# Reinforcement Learning
📗 The environment is modeled by a Markov Decision Process (MDP): \(M = \left(S, A, R, P\right)\), where \(S\) is the set of states, \(A\) is the set of actions, \(R\) is the reward function where \(R\left(s, a\right)\) is the reward from state \(s \in S\) and action \(a \in A\), and \(P\) is the transition function where \(P\left(s' | s, a\right)\) is the probability that the state becomes \(s' \in S\) given action \(a \in A\) is performed in state \(s \in S\), and \(P\left(s\right)\) is the probability that the initial state is \(s\).
📗 The planning problem is when the agent is given the MDP and tries to find the optimal policy \(\pi\) where \(\pi\left(s\right) \in A\) is the optimal action in state \(s\).
📗 The online learning problem is when the agent does not know \(R, P\) and tries to learn the optimal \(\pi\) through interaction with \(M\).

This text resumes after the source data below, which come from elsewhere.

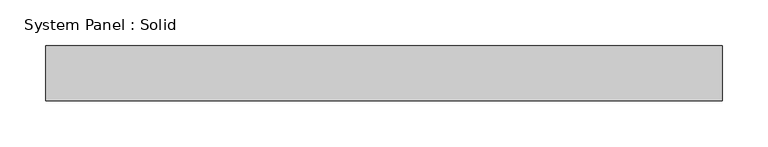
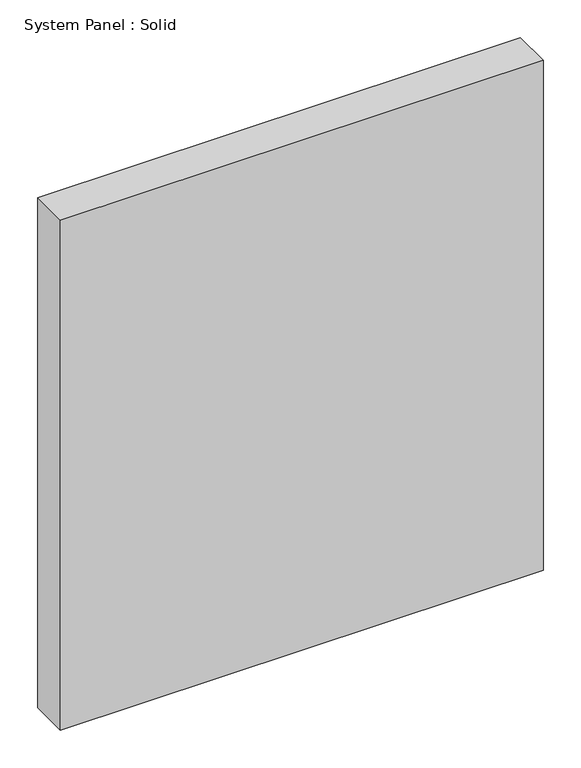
"""IFC4 building model written with IfcOpenShell, lengths in millimetres: plate geometry, System Panel : Solid."""

from ifc_helpers import new_model, si_unit, origin, origin_with_axes, place, context, project, spatial, polyline, outline, extrude, source, transform, mapped, element, save


def system_panel_solid_9ac85d2e(model_context):
    return source(origin(), model_context, "Body", "SweptSolid", [
        extrude(outline(polyline([(369.1666666, -10.5), (-369.1666666, -10.5), (-369.1666666, 49.5), (369.1666666, 49.5), (369.1666666, -10.5)])), origin_with_axes(), (0.0, 0.0, 1.0), 825.0),
    ])


if __name__ == "__main__":
    model = new_model("IFC4")
    model_context = context("Model", 3, world=origin())
    ifc_project = project(units=[si_unit("LENGTHUNIT", "METRE", prefix="MILLI")], contexts=[model_context])
    site = spatial("IfcSite", under=ifc_project)
    building = spatial("IfcBuilding", under=site)
    placement = place(None, origin())
    system_panel_solid_shape = system_panel_solid_9ac85d2e(model_context)
    element("IfcPlate", 1, ObjectType="System Panel : Solid", at=placement, inside=building, context=model_context, shape_type="MappedRepresentation", body=[
        mapped(system_panel_solid_shape, transform((0.0, 0.0, 0.0), x_axis=(1.0, 0.0, 0.0), y_axis=(0.0, 1.0, 0.0), z_axis=(0.0, 0.0, 1.0))),
    ])
    save(model, "model.ifc")

In period \(t\), an agent in state \(s_{t}\) performs an action \(a_{t}\) and obtains feedback \(r_{t}\) and the environment transitions to \(s_{t+1}\).
➭ Model-based: the agent can learn \(R, P\) and then figure out \(\pi\) through planning.
➭ Model-free: the agent can learn \(\pi\) directly without estimating \(R, P\).
📗 The offline learning problem is when the agent cannot interact with \(M\) and is only given a training data \(\left\{\left(s_{t}, a_{t}, r_{t}, s_{t+1}\right)\right\}\). The policy used to obtain the offline data can be unknown. The learning can be model-based or model-free too.